Chamutzim (חמוצים), the assortment of pickled vegetables, is not a single sandwich but the whole sour drawer that gets folded into one: the cucumbers, turnip, cabbage, peppers, and sometimes carrot or green tomato that an Israeli stand spoons into a pita or lays beside a plate. The angle here is its job inside the bread. In a pocket already heavy with fried chickpea, fatty shawarma, egg, or eggplant plus a thick sesame sauce, the pickles are the acid and crunch that keep the whole thing from collapsing into one dense, oily note. Treated as a topping rather than a side, the assortment is judged less on any one pickle being excellent than on how the mix as a whole lifts and resets the bite.
The preparation is several brines running in parallel, then how they live together in the sandwich. Cucumbers go into a salt or vinegar brine and come out either crisp and lightly sour or fully fermented and soft. Turnip is brined with a wedge of beet that stains it pink. Cabbage is shredded and quick-pickled until it slumps and turns tangy. Peppers, often the long mild green kind or a hotter chili, go in whole or sliced. Each is its own jar, and the eater or the counter hand pulls a little of each so the sandwich gets a range of textures and sharpness in one go. Done well, the mix is varied and firm, sour enough to cut tahini and fat, and chosen with restraint so it threads through the filling rather than flooding it. Done badly, it is all one note from a single tired brine, or so much liquid and so many pieces that the bottom of the pita turns to a sour puddle and the bread gives way.
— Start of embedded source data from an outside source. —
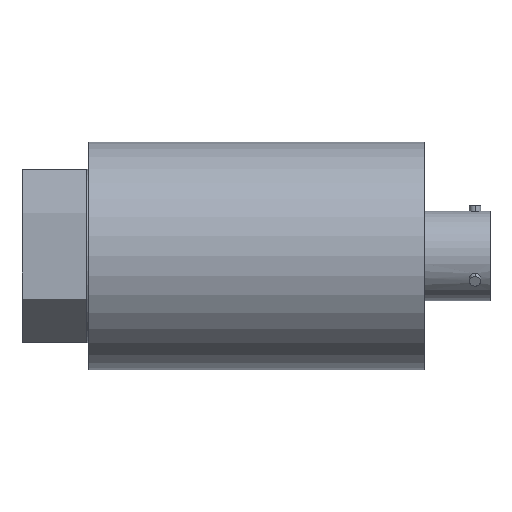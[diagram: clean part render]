
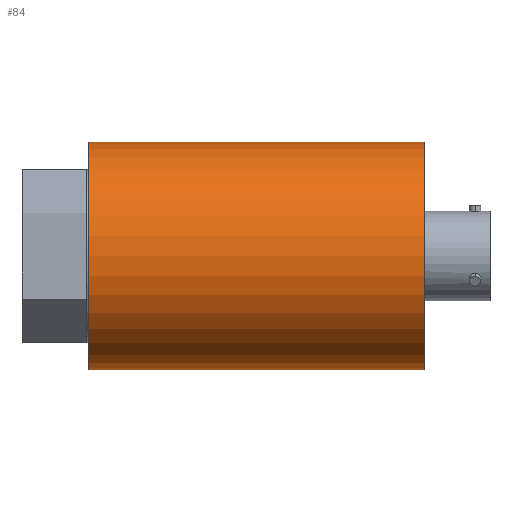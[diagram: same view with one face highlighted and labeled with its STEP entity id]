
A CAD part, top view. The second image highlights one B-rep face of the part: STEP entity #84.
In plain terms, the highlighted cylindrical face has radius 19.05 mm (diameter 38.1 mm), a partial arc.
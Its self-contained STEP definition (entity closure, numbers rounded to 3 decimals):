
#84=ADVANCED_FACE('',(#218),#219,.T.);
#218=FACE_OUTER_BOUND('',#409,.T.);
#219=CYLINDRICAL_SURFACE('',#410,19.05);
#409=EDGE_LOOP('',(#603,#604,#605,#606));
#410=AXIS2_PLACEMENT_3D('',#607,#608,#609);
#603=ORIENTED_EDGE('',*,*,#1083,.F.);
#604=ORIENTED_EDGE('',*,*,#1084,.T.);
#605=ORIENTED_EDGE('',*,*,#1085,.F.);
#606=ORIENTED_EDGE('',*,*,#1086,.F.);
#607=CARTESIAN_POINT('',(39.25,0.0,0.0));
#608=DIRECTION('',(-1.0,0.0,0.0));
#609=DIRECTION('',(0.0,1.0,0.0));
#1083=EDGE_CURVE('',#1277,#1278,#1279,.T.);
#1084=EDGE_CURVE('',#1277,#1280,#1281,.T.);
#1085=EDGE_CURVE('',#1282,#1280,#1283,.T.);
#1086=EDGE_CURVE('',#1278,#1282,#1284,.T.);
#1277=VERTEX_POINT('',#1617);
#1278=VERTEX_POINT('',#1618);
#1279=LINE('',#1619,#1620);
#1280=VERTEX_POINT('',#1621);
#1281=CIRCLE('',#1622,19.05);
#1282=VERTEX_POINT('',#1623);
#1283=LINE('',#1624,#1625);
#1284=CIRCLE('',#1626,19.05);
#1617=CARTESIAN_POINT('',(11.2,19.05,0.0));
#1618=CARTESIAN_POINT('',(67.3,19.05,0.0));
#1619=CARTESIAN_POINT('',(39.25,19.05,0.));
#1620=VECTOR('',#1995,1.0);
#1621=CARTESIAN_POINT('',(11.2,-19.05,0.));
#1622=AXIS2_PLACEMENT_3D('',#1996,#1997,#1998);
#1623=CARTESIAN_POINT('',(67.3,-19.05,0.));
#1624=CARTESIAN_POINT('',(39.25,-19.05,0.));
#1625=VECTOR('',#1999,1.0);
#1626=AXIS2_PLACEMENT_3D('',#2000,#2001,#2002);
#1995=DIRECTION('',(1.0,-0.0,-0.0));
#1996=CARTESIAN_POINT('',(11.2,0.0,0.0));
#1997=DIRECTION('',(1.0,0.0,0.0));
#1998=DIRECTION('',(0.0,1.0,0.0));
#1999=DIRECTION('',(-1.0,0.0,0.0));
#2000=CARTESIAN_POINT('',(67.3,0.0,0.0));
#2001=DIRECTION('',(1.0,0.0,0.0));
#2002=DIRECTION('',(0.0,1.0,0.0));

Variation is mostly in which jars a given place keeps and how hard each is pickled. Some stands lean crunchy and bright with quick vinegar pickles; others lean deep and funky with long ferments that stand up better to fatty meat. A hot pickled pepper changes the whole character of a bite; a sweet-leaning brine softens it. The same drawer feeds falafel, shawarma, sabich, and a hummus plate, and several of its members carry enough identity to deserve their own treatment rather than being merged here: the pink turnip, the cabbage salad, the cucumber pickle, the chopped Israeli salad each do related work as distinct elements. On its own terms the pickle assortment is the sandwich's acid system: get the range and the restraint right, and it is the difference between a pita that stays lively to the last bite and one that goes heavy halfway through.